Melphinlay of the Blossom, God of Harvest and Innovation. The most interactive of the gods, Melphinlay is often credited for the bolts of inspiration felt by artists, writers, scientists and engineers. His gift of fecundity is not limited to the realm of the mind, as he is also said to be responsible for the prosperity of crops and all growing things cultivated by the Lapinine. Ancient texts imply Melphinlay set the Lapinine on the path to the creation of the science of Alchemy, and is also seen as a proponent of its sister discipline, culinary witchcraft. This bombastic deity also has somewhat of a petty streak, leading to many fables about the crafty ways in which he extracts revenge.

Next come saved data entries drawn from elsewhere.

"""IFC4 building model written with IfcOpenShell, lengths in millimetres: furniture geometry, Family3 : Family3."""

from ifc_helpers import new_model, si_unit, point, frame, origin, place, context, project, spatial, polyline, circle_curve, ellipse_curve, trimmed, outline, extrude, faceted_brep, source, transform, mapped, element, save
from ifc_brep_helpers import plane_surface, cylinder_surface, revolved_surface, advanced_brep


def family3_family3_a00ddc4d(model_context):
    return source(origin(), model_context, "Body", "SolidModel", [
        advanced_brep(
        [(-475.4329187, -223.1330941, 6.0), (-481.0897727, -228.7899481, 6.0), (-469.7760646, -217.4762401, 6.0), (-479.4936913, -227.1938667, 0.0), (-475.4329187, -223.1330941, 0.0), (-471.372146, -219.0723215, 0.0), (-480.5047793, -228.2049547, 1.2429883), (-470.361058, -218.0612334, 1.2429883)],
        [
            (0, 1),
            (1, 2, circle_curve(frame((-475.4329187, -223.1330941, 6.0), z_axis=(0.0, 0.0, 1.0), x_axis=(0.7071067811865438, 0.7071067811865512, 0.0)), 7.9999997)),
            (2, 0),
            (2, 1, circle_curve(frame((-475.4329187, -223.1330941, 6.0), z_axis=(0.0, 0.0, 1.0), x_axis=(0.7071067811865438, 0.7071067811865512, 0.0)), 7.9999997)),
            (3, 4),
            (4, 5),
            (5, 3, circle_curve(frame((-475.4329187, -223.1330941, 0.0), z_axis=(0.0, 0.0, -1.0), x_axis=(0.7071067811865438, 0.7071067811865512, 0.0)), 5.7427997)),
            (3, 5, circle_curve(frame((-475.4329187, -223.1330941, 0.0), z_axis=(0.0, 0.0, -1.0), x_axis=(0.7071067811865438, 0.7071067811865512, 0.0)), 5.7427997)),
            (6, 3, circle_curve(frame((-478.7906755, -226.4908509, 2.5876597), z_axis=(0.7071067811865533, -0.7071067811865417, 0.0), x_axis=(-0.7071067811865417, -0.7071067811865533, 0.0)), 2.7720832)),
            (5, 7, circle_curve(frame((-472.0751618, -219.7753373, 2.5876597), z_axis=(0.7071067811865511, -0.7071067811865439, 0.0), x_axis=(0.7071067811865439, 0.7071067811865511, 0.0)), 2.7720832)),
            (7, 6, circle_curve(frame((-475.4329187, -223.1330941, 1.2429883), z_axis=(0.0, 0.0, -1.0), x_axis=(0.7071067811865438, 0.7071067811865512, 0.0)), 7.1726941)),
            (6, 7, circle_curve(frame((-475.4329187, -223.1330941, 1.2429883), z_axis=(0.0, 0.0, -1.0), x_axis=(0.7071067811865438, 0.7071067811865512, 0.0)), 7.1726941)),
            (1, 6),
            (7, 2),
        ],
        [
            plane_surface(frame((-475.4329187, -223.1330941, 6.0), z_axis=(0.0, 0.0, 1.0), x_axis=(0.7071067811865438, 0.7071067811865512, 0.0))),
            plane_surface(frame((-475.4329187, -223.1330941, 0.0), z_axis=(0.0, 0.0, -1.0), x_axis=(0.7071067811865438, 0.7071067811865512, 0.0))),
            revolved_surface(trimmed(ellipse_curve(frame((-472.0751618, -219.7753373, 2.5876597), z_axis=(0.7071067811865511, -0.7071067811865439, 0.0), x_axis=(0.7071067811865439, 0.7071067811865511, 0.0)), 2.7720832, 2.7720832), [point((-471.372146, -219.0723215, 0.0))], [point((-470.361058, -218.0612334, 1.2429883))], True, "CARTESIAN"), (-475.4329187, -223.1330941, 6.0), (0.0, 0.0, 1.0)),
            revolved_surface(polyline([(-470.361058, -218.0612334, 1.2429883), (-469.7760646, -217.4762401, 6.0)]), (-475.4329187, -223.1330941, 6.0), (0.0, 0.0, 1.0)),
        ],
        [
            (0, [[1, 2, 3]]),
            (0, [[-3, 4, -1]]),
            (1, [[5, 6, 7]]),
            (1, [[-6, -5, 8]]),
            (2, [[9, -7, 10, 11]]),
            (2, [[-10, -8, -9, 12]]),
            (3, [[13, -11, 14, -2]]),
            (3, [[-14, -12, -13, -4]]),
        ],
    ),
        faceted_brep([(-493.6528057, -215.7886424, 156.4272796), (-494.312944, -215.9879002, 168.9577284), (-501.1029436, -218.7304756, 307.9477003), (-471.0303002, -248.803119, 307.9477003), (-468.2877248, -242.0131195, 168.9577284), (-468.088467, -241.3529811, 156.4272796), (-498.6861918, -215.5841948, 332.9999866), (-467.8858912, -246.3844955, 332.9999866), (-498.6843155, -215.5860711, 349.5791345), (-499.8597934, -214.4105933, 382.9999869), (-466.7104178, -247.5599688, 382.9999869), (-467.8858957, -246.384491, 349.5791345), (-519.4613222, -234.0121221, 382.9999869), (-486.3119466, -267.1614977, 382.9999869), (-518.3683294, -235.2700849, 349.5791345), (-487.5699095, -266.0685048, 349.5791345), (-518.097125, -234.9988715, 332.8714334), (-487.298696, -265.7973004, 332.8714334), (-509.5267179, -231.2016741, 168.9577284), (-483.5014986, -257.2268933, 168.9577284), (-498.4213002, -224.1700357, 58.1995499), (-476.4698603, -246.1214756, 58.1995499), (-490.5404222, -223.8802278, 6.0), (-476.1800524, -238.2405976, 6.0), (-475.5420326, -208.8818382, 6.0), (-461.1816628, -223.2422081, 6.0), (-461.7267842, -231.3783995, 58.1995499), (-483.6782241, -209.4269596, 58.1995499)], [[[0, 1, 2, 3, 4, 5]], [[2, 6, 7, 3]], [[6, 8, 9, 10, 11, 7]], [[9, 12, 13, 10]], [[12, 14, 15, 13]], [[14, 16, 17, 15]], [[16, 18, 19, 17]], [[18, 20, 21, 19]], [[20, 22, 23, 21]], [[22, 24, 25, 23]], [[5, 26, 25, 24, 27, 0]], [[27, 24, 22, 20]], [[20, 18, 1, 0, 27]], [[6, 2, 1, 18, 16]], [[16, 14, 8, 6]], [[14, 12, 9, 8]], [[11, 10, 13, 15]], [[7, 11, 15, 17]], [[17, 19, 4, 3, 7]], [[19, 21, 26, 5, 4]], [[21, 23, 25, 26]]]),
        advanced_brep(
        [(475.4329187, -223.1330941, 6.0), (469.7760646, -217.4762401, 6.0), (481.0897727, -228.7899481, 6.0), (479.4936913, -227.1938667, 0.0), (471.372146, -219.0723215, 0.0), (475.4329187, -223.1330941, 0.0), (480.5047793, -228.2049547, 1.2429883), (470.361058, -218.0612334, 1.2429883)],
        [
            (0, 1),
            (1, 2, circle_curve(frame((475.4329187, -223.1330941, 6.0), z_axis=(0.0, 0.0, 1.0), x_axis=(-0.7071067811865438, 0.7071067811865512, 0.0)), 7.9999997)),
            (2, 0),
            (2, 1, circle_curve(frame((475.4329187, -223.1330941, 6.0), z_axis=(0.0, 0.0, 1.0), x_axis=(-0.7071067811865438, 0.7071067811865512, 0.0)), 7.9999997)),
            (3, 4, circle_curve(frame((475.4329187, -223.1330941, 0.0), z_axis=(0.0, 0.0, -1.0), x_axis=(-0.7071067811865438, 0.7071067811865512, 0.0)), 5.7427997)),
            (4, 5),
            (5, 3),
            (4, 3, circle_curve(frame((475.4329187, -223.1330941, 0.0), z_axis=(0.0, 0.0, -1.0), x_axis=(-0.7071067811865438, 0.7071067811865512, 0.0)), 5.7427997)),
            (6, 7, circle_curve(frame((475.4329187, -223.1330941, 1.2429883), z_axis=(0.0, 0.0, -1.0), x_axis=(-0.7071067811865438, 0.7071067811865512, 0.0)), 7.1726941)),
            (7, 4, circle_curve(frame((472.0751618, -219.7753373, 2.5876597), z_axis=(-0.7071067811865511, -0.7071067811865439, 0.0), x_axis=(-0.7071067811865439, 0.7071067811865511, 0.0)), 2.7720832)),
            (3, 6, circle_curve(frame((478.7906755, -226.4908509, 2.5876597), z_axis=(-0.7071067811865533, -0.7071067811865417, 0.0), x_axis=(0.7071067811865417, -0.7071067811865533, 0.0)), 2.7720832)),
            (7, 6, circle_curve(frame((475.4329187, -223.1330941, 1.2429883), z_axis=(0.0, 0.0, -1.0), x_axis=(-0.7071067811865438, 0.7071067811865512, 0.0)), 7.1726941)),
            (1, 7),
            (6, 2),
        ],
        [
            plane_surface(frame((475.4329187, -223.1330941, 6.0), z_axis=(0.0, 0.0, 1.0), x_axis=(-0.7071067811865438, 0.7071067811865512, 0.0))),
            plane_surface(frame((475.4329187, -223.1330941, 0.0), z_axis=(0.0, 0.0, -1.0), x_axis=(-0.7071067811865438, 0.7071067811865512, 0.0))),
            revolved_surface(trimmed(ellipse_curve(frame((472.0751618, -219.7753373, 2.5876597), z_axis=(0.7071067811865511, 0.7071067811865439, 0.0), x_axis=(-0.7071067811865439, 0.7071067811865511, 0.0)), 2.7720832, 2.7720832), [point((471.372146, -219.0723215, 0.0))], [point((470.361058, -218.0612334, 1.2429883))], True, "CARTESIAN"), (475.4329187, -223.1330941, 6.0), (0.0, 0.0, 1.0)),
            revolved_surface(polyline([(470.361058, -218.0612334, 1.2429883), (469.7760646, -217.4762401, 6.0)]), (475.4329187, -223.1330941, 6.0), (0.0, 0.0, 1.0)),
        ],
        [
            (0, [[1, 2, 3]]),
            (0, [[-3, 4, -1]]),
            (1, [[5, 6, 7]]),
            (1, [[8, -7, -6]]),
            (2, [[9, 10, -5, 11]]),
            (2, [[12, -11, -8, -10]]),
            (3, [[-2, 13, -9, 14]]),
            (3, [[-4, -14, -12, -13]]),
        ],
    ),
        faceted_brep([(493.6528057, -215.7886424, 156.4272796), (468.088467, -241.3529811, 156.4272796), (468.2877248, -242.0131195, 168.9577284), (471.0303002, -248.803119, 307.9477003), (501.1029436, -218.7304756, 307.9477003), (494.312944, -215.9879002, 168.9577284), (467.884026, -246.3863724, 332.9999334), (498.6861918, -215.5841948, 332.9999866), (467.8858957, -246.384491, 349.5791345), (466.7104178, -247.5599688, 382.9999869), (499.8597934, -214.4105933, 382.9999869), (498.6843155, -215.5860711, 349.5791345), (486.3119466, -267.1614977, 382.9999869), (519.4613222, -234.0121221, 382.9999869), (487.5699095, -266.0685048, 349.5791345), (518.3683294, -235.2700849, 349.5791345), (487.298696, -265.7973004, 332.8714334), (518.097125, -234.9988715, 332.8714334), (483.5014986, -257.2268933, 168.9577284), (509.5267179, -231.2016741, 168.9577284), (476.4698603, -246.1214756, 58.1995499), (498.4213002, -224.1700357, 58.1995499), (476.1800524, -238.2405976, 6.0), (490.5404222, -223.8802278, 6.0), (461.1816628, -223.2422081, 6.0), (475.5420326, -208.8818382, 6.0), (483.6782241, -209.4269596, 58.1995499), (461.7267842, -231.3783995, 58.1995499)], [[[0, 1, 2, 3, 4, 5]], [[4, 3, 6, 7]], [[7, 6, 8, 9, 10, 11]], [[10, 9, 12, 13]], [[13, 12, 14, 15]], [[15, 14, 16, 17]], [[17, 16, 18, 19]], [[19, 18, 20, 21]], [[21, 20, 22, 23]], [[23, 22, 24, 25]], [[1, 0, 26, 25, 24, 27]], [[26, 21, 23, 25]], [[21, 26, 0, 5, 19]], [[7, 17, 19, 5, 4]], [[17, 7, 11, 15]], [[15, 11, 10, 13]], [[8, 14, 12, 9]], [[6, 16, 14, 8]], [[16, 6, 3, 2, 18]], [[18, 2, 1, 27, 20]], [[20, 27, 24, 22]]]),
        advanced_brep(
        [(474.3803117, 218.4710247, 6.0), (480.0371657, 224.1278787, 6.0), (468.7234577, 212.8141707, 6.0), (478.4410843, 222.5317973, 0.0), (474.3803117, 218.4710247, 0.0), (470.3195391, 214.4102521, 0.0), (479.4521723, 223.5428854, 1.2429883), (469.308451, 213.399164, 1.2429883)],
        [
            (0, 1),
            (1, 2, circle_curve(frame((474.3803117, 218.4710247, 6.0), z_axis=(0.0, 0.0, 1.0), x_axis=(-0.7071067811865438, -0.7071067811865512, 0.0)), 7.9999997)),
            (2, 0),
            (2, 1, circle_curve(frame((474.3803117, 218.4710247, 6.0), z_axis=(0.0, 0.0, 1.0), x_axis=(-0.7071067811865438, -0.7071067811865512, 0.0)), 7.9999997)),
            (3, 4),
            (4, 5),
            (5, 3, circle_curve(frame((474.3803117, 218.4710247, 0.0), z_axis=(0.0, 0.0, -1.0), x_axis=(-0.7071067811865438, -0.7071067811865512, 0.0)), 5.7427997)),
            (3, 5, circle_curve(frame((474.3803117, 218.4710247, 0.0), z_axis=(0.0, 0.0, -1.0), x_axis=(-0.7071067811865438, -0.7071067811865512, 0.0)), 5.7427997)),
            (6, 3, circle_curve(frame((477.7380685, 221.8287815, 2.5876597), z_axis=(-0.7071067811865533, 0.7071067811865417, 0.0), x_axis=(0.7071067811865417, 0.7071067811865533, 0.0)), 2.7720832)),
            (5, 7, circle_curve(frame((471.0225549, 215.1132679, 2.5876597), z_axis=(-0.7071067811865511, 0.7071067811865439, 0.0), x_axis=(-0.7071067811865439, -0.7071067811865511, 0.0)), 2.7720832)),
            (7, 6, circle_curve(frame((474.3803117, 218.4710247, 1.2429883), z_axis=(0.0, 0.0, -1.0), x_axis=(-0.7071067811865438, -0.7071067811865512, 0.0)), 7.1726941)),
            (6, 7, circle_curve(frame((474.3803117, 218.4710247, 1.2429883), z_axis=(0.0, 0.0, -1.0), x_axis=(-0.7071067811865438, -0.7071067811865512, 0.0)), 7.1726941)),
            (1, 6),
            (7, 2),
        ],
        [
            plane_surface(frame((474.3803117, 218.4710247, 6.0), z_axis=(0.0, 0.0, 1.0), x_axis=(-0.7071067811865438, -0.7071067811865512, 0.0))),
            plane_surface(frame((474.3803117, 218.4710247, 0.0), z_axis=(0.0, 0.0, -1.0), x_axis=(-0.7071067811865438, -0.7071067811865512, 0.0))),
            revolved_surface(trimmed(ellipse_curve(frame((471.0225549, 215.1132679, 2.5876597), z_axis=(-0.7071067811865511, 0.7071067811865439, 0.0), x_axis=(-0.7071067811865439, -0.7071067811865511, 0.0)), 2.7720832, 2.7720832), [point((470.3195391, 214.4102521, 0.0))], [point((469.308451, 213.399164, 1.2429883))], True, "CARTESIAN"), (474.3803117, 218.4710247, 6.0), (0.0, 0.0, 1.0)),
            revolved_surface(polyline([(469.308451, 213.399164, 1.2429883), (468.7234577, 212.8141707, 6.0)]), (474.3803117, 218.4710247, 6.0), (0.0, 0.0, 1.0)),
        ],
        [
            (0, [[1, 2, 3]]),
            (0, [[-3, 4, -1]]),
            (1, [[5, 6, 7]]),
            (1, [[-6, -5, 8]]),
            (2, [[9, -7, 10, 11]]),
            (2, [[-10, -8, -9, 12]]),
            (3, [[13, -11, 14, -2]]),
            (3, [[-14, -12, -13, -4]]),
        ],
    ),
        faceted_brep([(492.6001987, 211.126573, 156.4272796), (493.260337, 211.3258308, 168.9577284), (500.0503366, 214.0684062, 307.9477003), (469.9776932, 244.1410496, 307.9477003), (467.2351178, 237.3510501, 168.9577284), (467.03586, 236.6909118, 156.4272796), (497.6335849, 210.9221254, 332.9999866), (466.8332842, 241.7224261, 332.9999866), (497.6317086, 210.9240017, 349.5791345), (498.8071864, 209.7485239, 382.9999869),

Though generally referred to as the Divine Quartet, the Lapinine Gods have also been referred to as The Four Divines, and in circles in which the gods are all depicted as female, The Four Mothers. Indeed, the Four Divines are interpreted in a myriad of shapes, from primitive, quadrupedal beasts, to the traditional Lapinine form (which they allegedly use to sometimes walk among us in mortal guise), to something tall, lank and utterly alien. But whatever way we depict their physical forms in art and prose, we know that they are never far from us, existing most often in a sort of imperceptible, immaterial miasma that lingers in places where their domains are most present.
However, it must be understood that though the Divine Quartet are responsible for the creation of the Lapinine race, as well as a higher plane in which the gods and Lapinine dead dwell, a myriad of deeply magical plants, and a few odd creatures that border on mythological, they did not create the material world in which we live. The origins of the earth, and the dark echoes of its former ages, remain a mystery to us. But let it be a comfort that though the world is hostile, strange and full of hungry teeth, the beings that made us did so with utmost and unconditional love, and love us still to this day.”
At very long last, I’m pleased to present to you the full Lapinine pantheon of Greenbrier. Some of you may recognize Tevilthatz from a sepia and black version of this same illustration, which I posted on Halloween.